# PROBLEM:
Pick out each line in these entries that contains the string "dxfattribs".

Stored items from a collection
▬▬▬▬▬▬
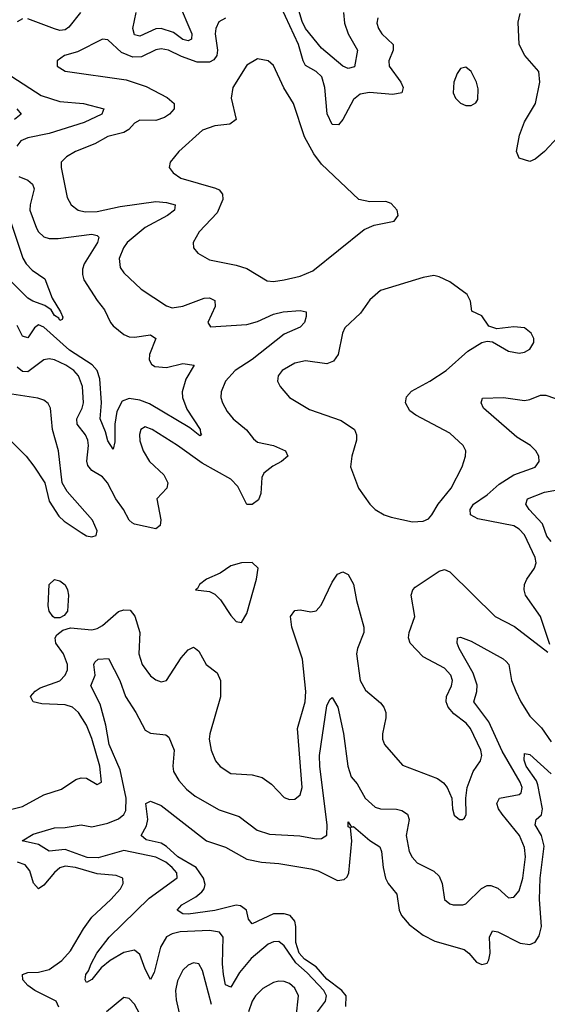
# Model space of a CAD drawing. Header units: inches. Extents: x 1843162 to 1959474, y 907081 to 1016326.
# Tile 291 of 656: x 1920540 to 1922515, y 914838 to 918523. Entities that reach past the tile are written whole.
import ezdxf

# ---------------------------------------------------------------- set-up
doc = ezdxf.new("R2010")
doc.units = ezdxf.units.IN
doc.header["$MEASUREMENT"] = 0
doc.layers.add('B9921', color=7, linetype='Continuous')

msp = doc.modelspace()

# ---------------------------------------------------------------- linework, layer by layer
at = {"layer": 'B9921', "color": 5}
for points, elevation in [([(1921133.2, 918590), (1921184.8, 918470), (1921182.8, 918450), (1921170, 918444.7), (1921150, 918449.6), (1921115.2, 918475.2), (1921070, 918490.8), (1921050, 918489), (1920990, 918462.3), (1920970, 918466.5), (1920963.6, 918490), (1920975.5, 918550)], 640), ([(1921880.2, 918530), (1921876.9, 918510), (1921882.7, 918490), (1921895.2, 918470), (1921937.8, 918430), (1921937.4, 918410), (1921921.6, 918370), (1921923, 918350), (1921966.5, 918290), (1921975.3, 918270), (1921970.5, 918249.5), (1921936.9, 918243.1), (1921848.8, 918251.2), (1921814.7, 918245.3), (1921790, 918225.3), (1921750, 918149.7), (1921733.1, 918130), (1921710, 918131.2), (1921690.6, 918170.6), (1921682, 918270), (1921671, 918310), (1921650, 918329.9), (1921610, 918351.7), (1921600.4, 918370), (1921583.8, 918430), (1921519, 918570)], 660), ([(1921751.6, 918550), (1921756.1, 918510), (1921769.7, 918470), (1921804, 918410), (1921792.8, 918347.2), (1921770, 918341), (1921750, 918349.3), (1921670, 918417.4), (1921610, 918490.4), (1921597.1, 918517.1), (1921581.6, 918570)], 640), ([(1921310, 918528.8), (1921284.8, 918515.2), (1921273.7, 918490), (1921272.1, 918470), (1921280.3, 918410), (1921278.3, 918390), (1921267.1, 918372.9), (1921250, 918364.1), (1921204.5, 918364.5), (1921145.6, 918385.6), (1921096.4, 918410), (1921070, 918414.2), (1921050, 918410.4), (1920995.7, 918384.3), (1920962.9, 918382.9), (1920920.5, 918400.5), (1920870, 918448.2), (1920850, 918451.2), (1920756.3, 918403.7), (1920707.3, 918390), (1920680.7, 918370), (1920680.7, 918350), (1920710.4, 918330.4), (1920938.3, 918298.3), (1921012.8, 918272.8), (1921091.7, 918231.7), (1921117.7, 918210), (1921118.4, 918190), (1921100.6, 918170), (1921082.1, 918157.9), (1921050, 918146.4), (1920990, 918147.8), (1920970, 918136.2), (1920947.8, 918112.2), (1920930, 918101), (1920870, 918086.6), (1920821.5, 918058.5), (1920748.7, 918030), (1920714.9, 918010), (1920695.6, 917990), (1920694.9, 917970), (1920717.8, 917857.8), (1920733.1, 917830), (1920759.3, 917810), (1920784.8, 917804.8), (1920830, 917805), (1920916.1, 917823.9), (1921050, 917843.1), (1921090, 917839.6), (1921121.7, 917830), (1921119.7, 917810), (1921092.8, 917790), (1921010, 917746.2), (1920942.5, 917690), (1920928.1, 917670), (1920912.6, 917630), (1920916.2, 917596.2), (1920930, 917575.6), (1920994.6, 917514.6), (1921090, 917453.1), (1921110, 917445.4), (1921150, 917450.8), (1921230, 917481.8), (1921250, 917481.9), (1921270, 917472.2), (1921271.8, 917450), (1921244.7, 917390), (1921254.2, 917374.2), (1921390, 917382.9), (1921430, 917393.7), (1921490, 917421.5), (1921526, 917430), (1921590, 917434.7), (1921612.4, 917430), (1921612.8, 917412.8), (1921605.5, 917390), (1921590, 917372.4), (1921530, 917346.1), (1921410, 917251.6), (1921346.4, 917210), (1921310.1, 917170), (1921293.5, 917130), (1921292.9, 917110), (1921298.8, 917090), (1921316.9, 917056.9), (1921339.1, 917030), (1921388.4, 916988.4), (1921414.7, 916954.7), (1921430, 916942.7), (1921490.1, 916930.1), (1921534.4, 916910), (1921543.1, 916890), (1921520.3, 916870), (1921487.1, 916852.9), (1921453.9, 916826.1), (1921445.8, 916810), (1921442.7, 916750), (1921433.6, 916726.4), (1921410.7, 916709.3), (1921390, 916708.9), (1921356.6, 916776.6), (1921330, 916804.2), (1921223, 916863), (1921130.7, 916930), (1921035.8, 916990), (1921010, 916999.1), (1920993, 916990), (1920988.5, 916971.5), (1920990, 916946.8), (1921002.4, 916910), (1921026.3, 916870), (1921079.8, 916819.8), (1921094.7, 916790), (1921090.1, 916769.9), (1921053.8, 916730), (1921068.2, 916651.8), (1921066, 916630), (1921050, 916618.2), (1920970, 916634.7), (1920960.6, 916640.6), (1920950, 916649.8), (1920928.4, 916690), (1920899.2, 916730), (1920868.2, 916790), (1920850, 916812.3), (1920810, 916836.7), (1920795.4, 916855.4), (1920791.2, 916871.2), (1920797.3, 916930), (1920795.1, 916950), (1920785.9, 916970), (1920754.4, 917010), (1920754.2, 917030), (1920774.2, 917070), (1920779.2, 917090), (1920774.4, 917150), (1920759.6, 917190), (1920742.5, 917210), (1920712.7, 917230), (1920670, 917250.9), (1920650, 917254.7), (1920630, 917249.9), (1920570, 917205.1), (1920550, 917207.1), (1920530, 917223.1)], 660), ([(1920550, 918527), (1920530, 918515.9)], 640), ([(1920766.9, 918550), (1920723.9, 918496.1), (1920710, 918485.3), (1920690, 918483.3), (1920670, 918488.7), (1920570, 918526.5)], 640), ([(1922555.3, 918084.7), (1922504.9, 918030), (1922470, 918000.9), (1922450, 917993.1), (1922410, 918005.1), (1922399.8, 918030), (1922410.8, 918090.8), (1922430, 918141.6), (1922471.3, 918210), (1922487.2, 918290), (1922482.8, 918330), (1922430.8, 918390), (1922409.8, 918430), (1922406, 918514), (1922413.6, 918546.4)], 660), ([(1920510.5, 918310.5), (1920620.1, 918240.1), (1920690, 918217.9), (1920779.1, 918210), (1920854.4, 918190), (1920847.7, 918170), (1920780.7, 918139.3), (1920650, 918097.6), (1920570, 918081.8), (1920544.1, 918070), (1920529.7, 918050.3)], 640), ([(1920529.2, 918190), (1920545.2, 918170), (1920520.2, 918150)], 620), ([(1920537, 917937), (1920570, 917923.3), (1920588, 917908), (1920593.6, 917890), (1920578.4, 917830), (1920578.2, 917810), (1920602.6, 917742.6), (1920610, 917729.3), (1920630, 917710.9), (1920650, 917705.1), (1920684.3, 917704.3), (1920810, 917720.7), (1920830, 917716), (1920836, 917710), (1920831.2, 917690), (1920781.6, 917610), (1920774.5, 917590), (1920774.3, 917570), (1920780.5, 917550), (1920830, 917472.4), (1920857.8, 917437.8), (1920879.3, 917390), (1920890, 917377.2), (1920930, 917345.5), (1920950, 917337), (1920970, 917335.6), (1921030, 917344.4), (1921050, 917330.4), (1921026.3, 917270), (1921024.7, 917250), (1921033.6, 917233.6), (1921045.6, 917225.6), (1921090, 917222.1), (1921150, 917236.8), (1921192.4, 917230), (1921161.7, 917178.3), (1921147.6, 917130), (1921149.6, 917109.6), (1921165.6, 917065.6), (1921215.9, 916990), (1921216.1, 916976.1), (1921220.7, 916970), (1921214.4, 916965.6), (1921176.2, 916996.2), (1921025.8, 917085.8), (1920990, 917099.9), (1920950, 917105.7), (1920923.8, 917096.2), (1920903.3, 917056.7), (1920895.9, 917010), (1920896.1, 916943.9), (1920890, 916916.2), (1920870, 916947), (1920861.5, 916981.5), (1920841.5, 917030), (1920845.9, 917090), (1920839.5, 917179.5), (1920829.9, 917210), (1920811.3, 917231.3), (1920726.8, 917286.8), (1920630, 917372.5), (1920610, 917381.9), (1920595.2, 917370), (1920570, 917332.8), (1920550, 917339.3), (1920530, 917379.4)], 640), ([(1920506.2, 917766.2), (1920551.3, 917631.3), (1920564.1, 917610), (1920586.5, 917586.5), (1920633.5, 917553.5), (1920661.5, 917481.5), (1920692.7, 917430), (1920701.3, 917410), (1920699.2, 917400.8), (1920690, 917397.6), (1920685.9, 917405.9), (1920670, 917416.3), (1920658.1, 917438.1), (1920634.2, 917454.2), (1920589.5, 917469.5), (1920570, 917481.5), (1920510, 917540.5)], 620), ([(1920484, 916970), (1920563.6, 916890), (1920593, 916853), (1920634.4, 916790), (1920650, 916722), (1920685.8, 916665.8), (1920706.6, 916646.6), (1920770, 916604.2), (1920790, 916592), (1920810, 916587.4), (1920826.6, 916593.4), (1920829.6, 916610), (1920812.4, 916650), (1920717.3, 916757.3), (1920699.1, 916790), (1920684.5, 916910), (1920662.9, 916990), (1920655.1, 917070), (1920647, 917087), (1920630, 917099.2), (1920607.5, 917107.5), (1920510, 917121.4)], 680), ([(1922524.7, 916184.7), (1922490, 916289.5), (1922433.7, 916370), (1922428, 916390), (1922429.3, 916410), (1922437.8, 916430), (1922466.5, 916470), (1922473.1, 916490), (1922469.9, 916510), (1922430, 916594.8), (1922410, 916616.7), (1922390, 916629.3), (1922255.5, 916655.5), (1922227.2, 916670), (1922226.4, 916690), (1922239.2, 916710), (1922290, 916745.5), (1922334.9, 916785.1), (1922390, 916819.8), (1922470, 916848.5), (1922484.8, 916870), (1922483.7, 916890), (1922472, 916910), (1922452.2, 916930), (1922400.6, 916960.6), (1922276.2, 917070), (1922267.8, 917090), (1922272.9, 917107.1), (1922351.2, 917108.8), (1922430, 917098.7), (1922450, 917101.4), (1922490, 917117.8), (1922510, 917117.8), (1922570, 917096.5)], 660), ([(1922529.9, 916570), (1922513.5, 916590), (1922496.6, 916636.6), (1922447.6, 916690), (1922434.7, 916710), (1922441.2, 916730), (1922504.6, 916755.4), (1922566.9, 916766.9)], 640), ([(1920494.9, 915565.1), (1920550, 915578.6), (1920630, 915621.7), (1920696, 915644), (1920750, 915680.2), (1920770, 915686.2), (1920790, 915684.5), (1920830, 915660.4), (1920846, 915670), (1920839.2, 915730), (1920810, 915833.5), (1920790, 915882.4), (1920759.9, 915930), (1920738, 915950), (1920710, 915959.5), (1920622.7, 915962.7), (1920589.9, 915969.9), (1920579.7, 915990), (1920597.3, 916010), (1920616.7, 916023.3), (1920690, 916049.2), (1920710, 916070.2), (1920718.3, 916090), (1920718.4, 916110), (1920703.3, 916150), (1920675.4, 916190), (1920672.5, 916210), (1920679.2, 916220.8), (1920701, 916239), (1920730, 916247.2), (1920810, 916239.4), (1920830, 916244.8), (1920850, 916256.3), (1920910, 916308), (1920930, 916315.2), (1920953.4, 916313.4), (1920971.4, 916291.4), (1920989.1, 916230), (1920985.9, 916150), (1920998.5, 916110), (1921030, 916068.1), (1921050, 916052.3), (1921070, 916045), (1921090, 916050.2), (1921144.7, 916135.3), (1921170, 916165.2), (1921190, 916174.9), (1921198.4, 916170), (1921210, 916160.3), (1921237.6, 916110), (1921278.5, 916078.5), (1921291.3, 916050), (1921291.5, 915988.5), (1921251.6, 915850), (1921249.4, 915830), (1921256.8, 915790), (1921272.9, 915750), (1921290, 915727.7), (1921330, 915702.7), (1921410, 915696.6), (1921447.7, 915687.7), (1921482.1, 915662.1), (1921530, 915611.7), (1921550, 915604.2), (1921570, 915606.4), (1921590, 915622), (1921597.5, 915650), (1921580.2, 915870), (1921609.1, 915970), (1921611.2, 916008.8), (1921598.7, 916130), (1921558.3, 916250), (1921554, 916290), (1921570, 916312.4), (1921590, 916314.3), (1921630, 916306.8), (1921650, 916310.3), (1921667.9, 916332.1), (1921710, 916418), (1921730, 916448.7), (1921750, 916457.1), (1921770, 916446.4), (1921790, 916410.5), (1921800.5, 916350), (1921827.8, 916250), (1921828.5, 916230), (1921803.9, 916170), (1921800.2, 916150), (1921814.7, 916050), (1921834, 916014), (1921890, 915966), (1921903.2, 915950), (1921910.2, 915930), (1921911.1, 915910), (1921897.6, 915850), (1921898, 915830), (1921905.5, 915810), (1921973.1, 915733.1), (1922103.6, 915683.6), (1922126.6, 915666.6), (1922140.7, 915650), (1922157, 915610), (1922159.5, 915570), (1922166.3, 915546.3), (1922186, 915530), (1922198, 915530), (1922205.6, 915534.4), (1922211.5, 915548.5), (1922209.6, 915610), (1922215.2, 915650), (1922237.3, 915710), (1922264.3, 915750), (1922269.3, 915770), (1922266.7, 915790), (1922226.9, 915870), (1922211, 915890), (1922164.8, 915924.8), (1922144, 915950), (1922136.6, 915970), (1922137.5, 915990), (1922156.3, 916030), (1922160.5, 916050), (1922154.4, 916070), (1922130, 916095.8), (1922050, 916138.8), (1922001.7, 916190), (1921995, 916210), (1921997.5, 916230), (1922018.5, 916290), (1922005.9, 916370), (1922011.5, 916390), (1922020.8, 916399.2), (1922110, 916459.3), (1922130, 916465.2), (1922150, 916457.3), (1922320.3, 916290), (1922392.2, 916252.2), (1922516.4, 916156.4)], 660), ([(1921654.4, 914810), (1921684.5, 914850), (1921688, 914870), (1921677.8, 914890), (1921616.3, 914956.3), (1921573.4, 914993.4), (1921530, 915057.2), (1921510, 915072.7), (1921490, 915072.5), (1921470, 915063.6), (1921406.2, 915010), (1921362.6, 914957.4), (1921330, 914902.7), (1921310, 914911.5), (1921303, 914950), (1921299.4, 914990), (1921301.1, 915090), (1921288.2, 915108.2), (1921250, 915114.9), (1921140.5, 915110), (1921110, 915102.2), (1921090, 915090.4), (1921067.5, 915052.5), (1921042.6, 914957.5), (1921030, 914931.5), (1921010, 914969.7), (1920990, 915024.7), (1920970, 915040.4), (1920930, 915032.1), (1920878.3, 915001.7), (1920844.9, 914975.1), (1920810, 914931.1), (1920790, 914919.5), (1920784.8, 914930), (1920787.2, 914950), (1920797, 914963), (1920806.9, 914990), (1920829, 915030), (1920874.5, 915090), (1921024.9, 915235.1), (1921129, 915311), (1921128.5, 915330), (1921110.4, 915350), (1921086.9, 915370), (1921050, 915388.4), (1920930, 915414.3), (1920833.5, 915386.5), (1920792.9, 915387.1), (1920710, 915417.5), (1920650, 915411.8), (1920610, 915436), (1920549.6, 915450), (1920590, 915475.3), (1920670, 915498.4), (1920710, 915499.5), (1920769.4, 915509.4), (1920810, 915502.6), (1920870, 915515.7), (1920910, 915532.4), (1920930, 915548.4), (1920937, 915563), (1920938.1, 915610), (1920915.9, 915715.9), (1920874.8, 915810), (1920862.6, 915882.6), (1920841.2, 915961.2), (1920806, 916030), (1920822.4, 916070), (1920817.2, 916110), (1920820.6, 916119.4), (1920833.2, 916130), (1920871.9, 916131.9), (1920914.6, 916050), (1920936.1, 915990), (1920974.7, 915930), (1921010, 915863.8), (1921030, 915852.7), (1921087.1, 915847.1), (1921098, 915838), (1921118.3, 915790), (1921113.1, 915730), (1921115.6, 915710), (1921135.4, 915675.4), (1921163.9, 915643.9), (1921197.3, 915617.3), (1921286, 915566), (1921361.5, 915541.5), (1921428.8, 915490), (1921474.6, 915474.6), (1921588.2, 915468.2), (1921650, 915457.8), (1921670, 915459.3), (1921689, 915471), (1921690.7, 915509.3), (1921663.2, 915730), (1921661.8, 915770), (1921690, 915954.8), (1921701.2, 915978.8), (1921710, 915986.7), (1921731.4, 915950), (1921752, 915852), (1921768.6, 915730), (1921780.2, 915690), (1921803.2, 915663.2), (1921833.2, 915610), (1921870, 915576.2), (1921890, 915569.5), (1921950, 915569.1), (1921970, 915563.6), (1921992, 915550), (1921997.3, 915530), (1921986.3, 915470), (1921998.2, 915410), (1922008.6, 915388.6), (1922028.2, 915368.2), (1922090, 915337.1), (1922110, 915318), (1922121.1, 915290), (1922130.3, 915230), (1922150, 915214), (1922162.8, 915210), (1922199.3, 915210), (1922210, 915213.8), (1922268.1, 915271.9), (1922290, 915282.5), (1922303.2, 915283.2), (1922330, 915272.6), (1922370, 915237.3), (1922390, 915239), (1922410, 915262.6), (1922423.4, 915310), (1922433.1, 915390), (1922430, 915424.5), (1922410.8, 915470), (1922346.3, 915550), (1922332.5, 915570), (1922326.3, 915590), (1922335.8, 915610), (1922410, 915623.5), (1922416.8, 915630), (1922420.4, 915650), (1922413.4, 915670), (1922345.7, 915785.7), (1922295.8, 915895.8), (1922239.5, 915970), (1922251.2, 916008.8), (1922252.5, 916032.5), (1922237, 916077), (1922185, 916170), (1922177.7, 916190), (1922179, 916210), (1922190, 916212.8), (1922230, 916198), (1922350, 916130.9), (1922360.9, 916120.9), (1922370.9, 916110), (1922381.5, 916050), (1922396.9, 916010), (1922415.4, 915970), (1922450, 915917), (1922493.5, 915873.5), (1922530, 915820.6)], 640), ([(1921760.4, 914830), (1921762.2, 914870), (1921746.2, 914890), (1921690, 914931.9), (1921650, 914978.1), (1921606.6, 915006.6), (1921586.4, 915030), (1921573, 915070), (1921574, 915130), (1921570, 915149.8), (1921552.8, 915170), (1921530, 915176.8), (1921490, 915176.9), (1921410, 915139.3), (1921396.9, 915156.9), (1921388.6, 915190), (1921366.9, 915206.9), (1921350, 915208.7), (1921270, 915188.7), (1921170, 915175.9), (1921150, 915177.4), (1921129.7, 915190), (1921147.4, 915210), (1921199.5, 915240.5), (1921221.3, 915258.7), (1921229.9, 915270), (1921233.7, 915286.3), (1921228.4, 915310), (1921200.9, 915350), (1921132.3, 915390), (1921090, 915429), (1921070, 915441.4), (1921013.4, 915453.4), (1920994.5, 915470), (1921014.2, 915505.8), (1921019.2, 915530), (1921012.3, 915590), (1921030, 915598.9), (1921070, 915582.5), (1921239.3, 915450), (1921310, 915426.2), (1921390, 915381.7), (1921445.5, 915370), (1921510, 915364.6), (1921630, 915345.6), (1921657.4, 915337.4), (1921730, 915301.6), (1921754.6, 915305.4), (1921765.2, 915314.8), (1921772.2, 915330), (1921782.6, 915450), (1921778.6, 915498.6), (1921770, 915502.9), (1921770, 915520.7), (1921781.7, 915501.7), (1921790, 915504), (1921850, 915451.3), (1921887.7, 915427.7), (1921894.1, 915410), (1921900.1, 915350), (1921909.1, 915310), (1921919.2, 915290), (1921951.8, 915250), (1921960.2, 915190), (1921968.7, 915170), (1921997.4, 915137.4), (1922050, 915096.6), (1922094.2, 915074.2), (1922203.2, 915043.2), (1922221.2, 915030), (1922250, 914996.1), (1922270, 914986.7), (1922290, 914992), (1922295.9, 915004.1), (1922300.7, 915030), (1922298, 915090), (1922310, 915113.7), (1922330, 915109.5), (1922413.4, 915066.6), (1922450, 915061.5), (1922469.2, 915070.8), (1922485, 915095), (1922492.8, 915130), (1922485.5, 915230), (1922487.9, 915310), (1922503.3, 915430), (1922493.2, 915470), (1922469.9, 915510.1), (1922473.5, 915530), (1922492.7, 915547.3), (1922496.9, 915570), (1922479.1, 915659.1), (1922474.1, 915674.1), (1922436.2, 915730), (1922427.9, 915752.1), (1922430, 915777), (1922450, 915772.8), (1922530, 915701.4)], 620), ([(1920686.9, 914826.9), (1920676.3, 914850), (1920596.5, 914890), (1920570, 914908.3), (1920551.5, 914930), (1920549.8, 914950), (1920570, 914957.5), (1920610, 914958.6), (1920650, 914968.1), (1920698, 915002), (1920730, 915038.8), (1920778.8, 915121.2), (1920810, 915164.5), (1920881.6, 915230), (1920917.4, 915270), (1920927.3, 915290), (1920925.6, 915310), (1920900.5, 915320.5), (1920830, 915326.1), (1920748.2, 915350), (1920710, 915355.1), (1920690, 915349.3), (1920670, 915332.1), (1920630, 915283.7), (1920610, 915270.8), (1920591.9, 915291.9), (1920577.4, 915337.4), (1920560.1, 915360.1), (1920532, 915370)], 660), ([(1921257.8, 914837.8), (1921224.2, 914964.2), (1921210, 914989.7), (1921190, 914993.1), (1921170, 914984.7), (1921150, 914966.6), (1921130, 914926.6), (1921123.7, 914890), (1921125.6, 914854.4), (1921149.5, 914750)], 660), ([(1921574.7, 914790), (1921583.4, 914870), (1921570, 914898.7), (1921550, 914915.7), (1921530, 914924.1), (1921510, 914925), (1921490, 914919.3), (1921450, 914896.8), (1921422.7, 914870), (1921409.5, 914850), (1921396.9, 914810)], 660), ([(1921070, 914652.2), (1920970, 914838.5), (1920950, 914860.4), (1920930, 914864), (1920864.2, 914810)], 660)]:
    msp.add_lwpolyline(points, dxfattribs=dict(at, elevation=elevation))
for points, elevation in [([(1921430, 918376.9), (1921390, 918352.8), (1921337.7, 918270), (1921331.4, 918230), (1921350, 918149.6), (1921327, 918133), (1921270, 918126.6), (1921223.7, 918110), (1921135.8, 918030), (1921103, 917990), (1921099.1, 917970), (1921114.9, 917950), (1921143.1, 917930), (1921272.9, 917892.9), (1921286.4, 917886.4), (1921299, 917870), (1921299.8, 917850), (1921279.4, 917800.6), (1921211.7, 917730), (1921188.7, 917690), (1921190.4, 917670), (1921206.7, 917650), (1921250, 917624.4), (1921350, 917605), (1921390, 917592.3), (1921466.6, 917546.6), (1921490, 917543.2), (1921530, 917549.3), (1921590, 917563.2), (1921637.2, 917582.9), (1921830, 917738.4), (1921866.2, 917753.8), (1921942, 917770), (1921957.2, 917790), (1921953.2, 917810), (1921930, 917836), (1921910, 917842.7), (1921850, 917841.3), (1921810, 917851.1), (1921670, 917982.2), (1921641.2, 918021.2), (1921605.6, 918085.6), (1921564.5, 918210), (1921528.6, 918268.6), (1921490, 918352), (1921469.7, 918369.6)], 680), ([(1922210, 918346), (1922190, 918341.2), (1922178, 918322), (1922165.5, 918290), (1922163, 918250), (1922170.7, 918230), (1922190, 918210.7), (1922210, 918202), (1922230, 918202), (1922247.2, 918212.8), (1922254.7, 918225.3), (1922255.6, 918264.4), (1922249.6, 918290), (1922230, 918329.3)], 680), ([(1922090, 917565.6), (1922050, 917558.7), (1921890, 917509.7), (1921850, 917475.1), (1921815.1, 917424.9), (1921756.5, 917370), (1921748, 917350), (1921731.8, 917270), (1921714.3, 917245.7), (1921690, 917235.8), (1921610, 917246.2), (1921570, 917237.7), (1921522.7, 917210), (1921507.9, 917190), (1921505.2, 917170), (1921514.6, 917150), (1921550, 917108.9), (1921624.8, 917064.8), (1921742.9, 917022.9), (1921793, 916990), (1921801.3, 916970), (1921800.9, 916950), (1921783.1, 916890), (1921778.7, 916850), (1921808.4, 916770), (1921850.4, 916710), (1921870, 916690.4), (1921903.8, 916670), (1921930, 916661.2), (1922010, 916643.9), (1922050, 916646.7), (1922070, 916655.5), (1922083.1, 916670), (1922106.6, 916710), (1922155, 916770), (1922196.1, 916850), (1922208.4, 916890), (1922209.7, 916910), (1922199.6, 916930), (1922150, 916976), (1922022.8, 917042.8), (1921999.8, 917059.8), (1921983.9, 917090), (1921988.4, 917111.6), (1922006.7, 917133.3), (1922075.1, 917170), (1922136.4, 917210), (1922217, 917283), (1922270, 917315.5), (1922290, 917320.5), (1922310, 917317.3), (1922370, 917283.1), (1922410, 917275.3), (1922430, 917279.5), (1922449.3, 917290), (1922464.8, 917315.2), (1922465.1, 917330), (1922454, 917350), (1922429.7, 917369.7), (1922390, 917374.3), (1922326.6, 917366.6), (1922296.6, 917376.6), (1922270, 917414.5), (1922232.3, 917432.3), (1922227.3, 917470), (1922215.2, 917495.2), (1922150, 917542.4), (1922110, 917561.6)], 680), ([(1921410, 916491.5), (1921370, 916491), (1921330, 916479.2), (1921290, 916452.4), (1921239.3, 916430), (1921213, 916410), (1921205.8, 916394.2), (1921198, 916390), (1921250, 916383.6), (1921270, 916373.4), (1921291.7, 916351.7), (1921330, 916293), (1921350, 916270.7), (1921370, 916266.8), (1921390, 916301), (1921426.3, 916430), (1921432.3, 916470)], 680), ([(1920690, 916284.3), (1920670, 916285), (1920663.7, 916290), (1920650.5, 916310), (1920646.9, 916330), (1920649.8, 916410.1), (1920670, 916427.6), (1920690, 916423.2), (1920710, 916407.8), (1920719.2, 916390), (1920722.5, 916370), (1920718.4, 916310), (1920706.3, 916293.7)], 660)]:
    msp.add_lwpolyline(points, close=True, dxfattribs=dict(at, elevation=elevation))

doc.saveas('drawing.dxf')
▬▬▬▬▬▬
# RESPONSE AREA:
    msp.add_lwpolyline(points, dxfattribs=dict(at, elevation=elevation))
    msp.add_lwpolyline(points, close=True, dxfattribs=dict(at, elevation=elevation))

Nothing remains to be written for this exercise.